Industry Week reports a prototype carbon sequestration plant at the American Electric Mountaineer facility in New Haven, W. Virginia (full Article here). Let’s look further, and let’s look at the numbers. The article states: “the pilot facility captures and stores around 20 megawatts of carbon dioxide from West Virginia’s Mountaineer plant. The unit can handle only a fraction of Mountaineer’s 1,300 megawatt capacity”
I suppose it is reasonable to assume that they mean they have essentially created a 20 mw power plant inside the main 1,300 mw plant, and they can sequester the carbon for this 20 mw subplant. That’s great. A 20 mw sub-plant in a 1,300 mw plant is 1.5385% of the total. That’s like taking a Hummer that get’s 10 miles to the gallon, and tuning the engine and keeping the tires properly inflated so it gets another 812 feet 3.94 inches, for a total of 10.15385 miles to the gallon. You can do that. But you can’t do it and claim to be driving an efficient vehicle or conserving energy in a meaningful way.
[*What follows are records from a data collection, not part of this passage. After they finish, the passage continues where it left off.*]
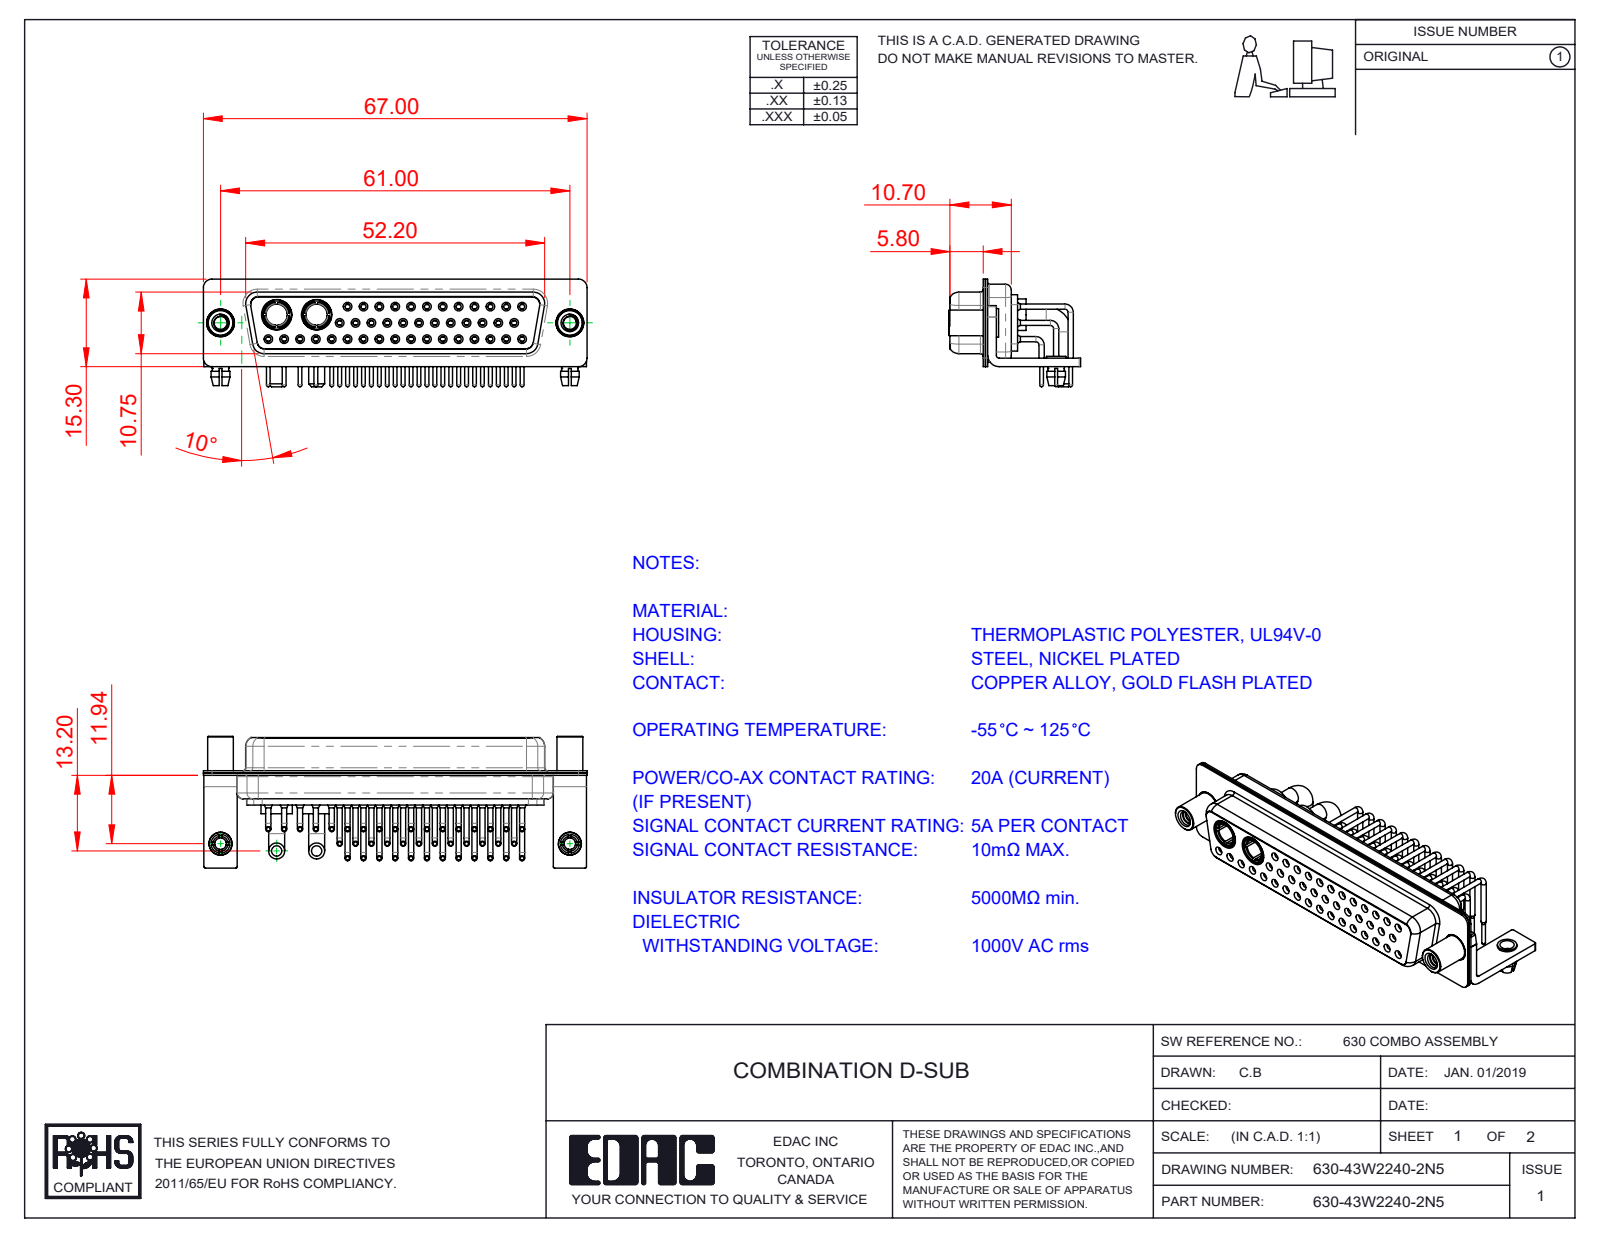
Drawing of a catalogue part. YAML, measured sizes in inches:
part_name: "630Combo Shell Front_50 Contacts; 630Combo Board Lock_50 Contacts; 630-43W2240-2N5; 630Combo Housing_43W2 (+7 more)"
step_written_by: "SolidWorks 2020 (CONFIG_CONTROL_DESIGN)"
units: inches
bodies: {solids: 54, faces: 2788, planar: 810, cylindrical: 1222, other: 756}
overall_size: [2.638, 0.906, 0.74]
volume: 0.472
surface_area: 26.51
round_holes:
  - {diameter: 0.079, count: 43}
  - {diameter: 0.035, count: 41}
  - {diameter: 0.043, count: 41}
  - {diameter: 0.059, count: 41}
  - {diameter: 0.063, count: 29}
  - {diameter: 0.067, count: 12}
  - {diameter: 0.191, count: 4}
  - {diameter: 0.089, count: 2}
  - {diameter: 0.098, count: 2}
  - {diameter: 0.126, count: 2}
  - {diameter: 0.146, count: 2}
  - {diameter: 0.157, count: 2}
round_bosses_or_shafts:
  - {diameter: 0.035, count: 41}
  - {diameter: 0.026, count: 41}
  - {diameter: 0.063, count: 12}
  - {diameter: 0.11, count: 4}
  - {diameter: 0.217, count: 2}
  - {diameter: 0.205, count: 2}
  - {diameter: 0.197, count: 2}
  - {diameter: 0.195, count: 2}
partial_cylinders:
  - {radius: 0.01, count: 16}
  - {radius: 0.059, count: 16}
  - {radius: 0.079, count: 13}
  - {radius: 0.053, count: 12}
  - {radius: 0.063, count: 8}
  - {radius: 0.02, count: 5}
  - {radius: 0.024, count: 4}
  - {radius: 0.026, count: 4}
face_to_face_distances: [0.016, 0.059, 0.236, 0.22, 0.031, 0.228, 0.205, 0.444, 0.072, 0.244]
hole_center_spacings: [0.109, 0.124, 0.218, 0.327, 0.436, 0.545, 0.654, 0.763]
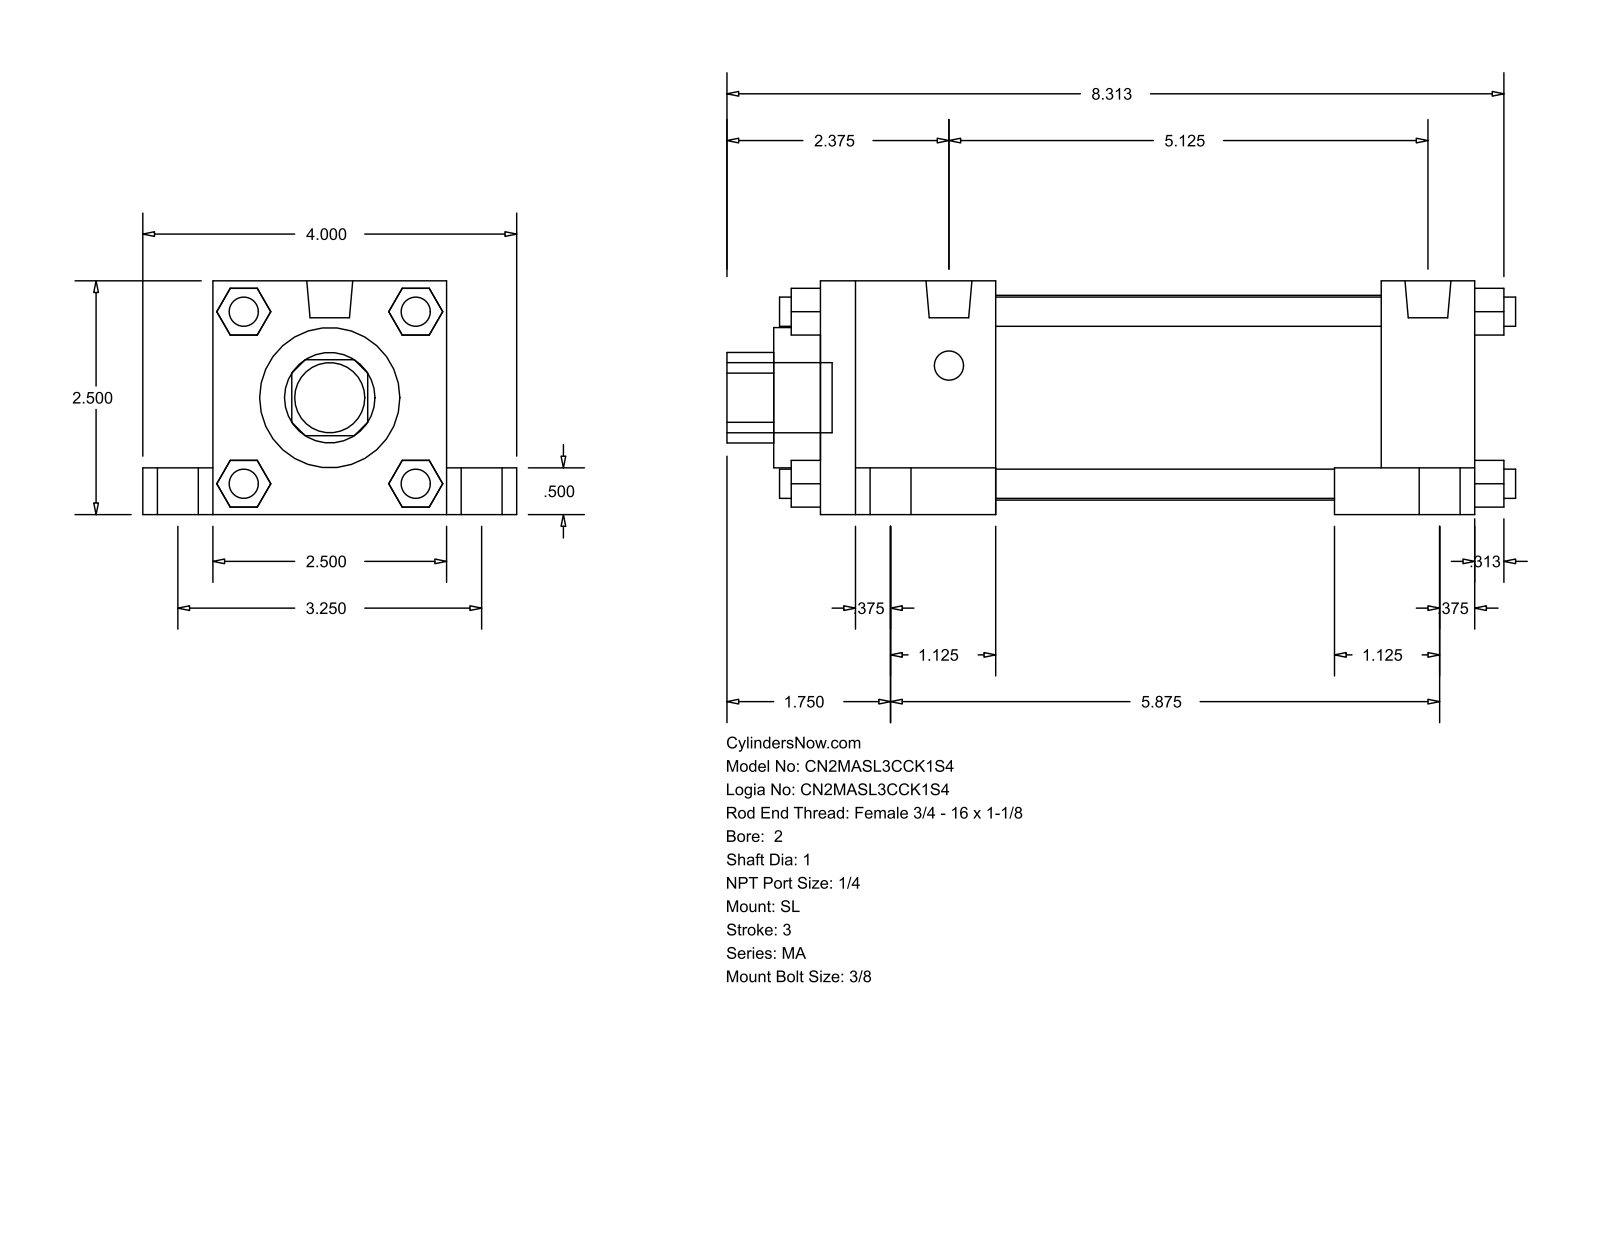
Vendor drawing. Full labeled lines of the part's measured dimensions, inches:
Part name (STEP PRODUCT): MA_SL__0200_1
STEP written by: GSSL Pune (CONFIG_CONTROL_DESIGN)
Units: inches
Bodies: 0 solids, 148 faces (112 planar, 36 cylindrical, 0 other)
Overall size (bounding box): 8.437 × 4 × 2.5
Round holes (diameter × count): ⌀1 ×1, ⌀1.5 ×1, ⌀2.19 ×1
Round bosses / shafts (diameter × count): ⌀0.313 ×8, ⌀0.687 ×4, ⌀0.437 ×4, ⌀0.492 ×2, ⌀0.75 ×1
Partial cylindrical surfaces — rounded edges, fillets, slot ends (radius × count): R0.484 ×1
Main face-to-face distances: 2.5, 0.5, 7, 0.75, 3.25, 1, 2, 1.875, 5.125, 6

My first question is “What’s a megawatt of carbon dioxide?” Carbon dioxide is measured in cubic feet, ounces, or metric tons. Megawatts don’t apply to quantities of solids, liquids, or gases; watts, kilowatts, and megawatts measure capacity to produce power. Watt-hours, kilowatt-hours, and megawatt-hours are measures of power. If they don’t know what they’re talking about that doesn’t give me much confidence that they know what they’re doing.
The article goes on to say “Alstom aims to have a full-scale commercial carbon capture and storage (CCS) facility operational by 2015.” It says says “We have a prototype.” That means that by the end 2015 – six years from now – they hope to be successful. Six years is a long time to keep a project on schedule. Phrased another way, six years is a long time for nothing to go wrong.
The article also states “burying the captured carbon dioxide 7200 feet underground.” That’s roughly 1.36364 miles underground. I have some questions:
- How much will it cost to run, in terms of 1) money and 2) energy to put the carbon dioxide down there, and keep it down there?
- How much does it cost to build?
- How long can we pump carbon dioxide down there? If the coal plant has a 30 year life expectancy, then don’t we will need to pump carbon dioxide 1.36364 miles down for 30 years?
- What happens if something goes wrong at 7200 feet? Or 5280 feet underground? Or even 528 feet underground? If something goes wrong close to the surface I expect we’ll see a geyser of ice cold carbon dioxide.
T. Boone Pickens says land based wind costs about $2.0 Billion per gigawatt of capacity. Pickens has been called many things, but he’s never been called an environmentalist.
Solar is about $6.5 Billion per gigawatt, when you’re talking 100 to 500 kw systems in New Jersey.
According to Kevin Riddell, in the New York Times, (click here for article) this 20 MW carbon sequestration subsystem will cost “well over $100 million.”
American Electric Power is spending $73 million on the capture and storage effort, which includes half the cost of the factory. Alstom, the manufacturer of the new equipment, paid for the other half of the factory, hoping to develop expertise that will win it a worldwide market. Alstom would not say what it spent, but public figures indicate that the two companies are jointly spending well over $100 million.
If “half the cost” of the facility is $73 million, then the other half is also $73 million. That “well over $100 million” adds up to about $146 million. For a 20 mw facility, that’s $7.3 million per mw. Utility scale Solar is $6.5 billion per mw. Solar costs less than coal, and that’s before you factor in the costs of fuel, mining, and cleaning up the mess.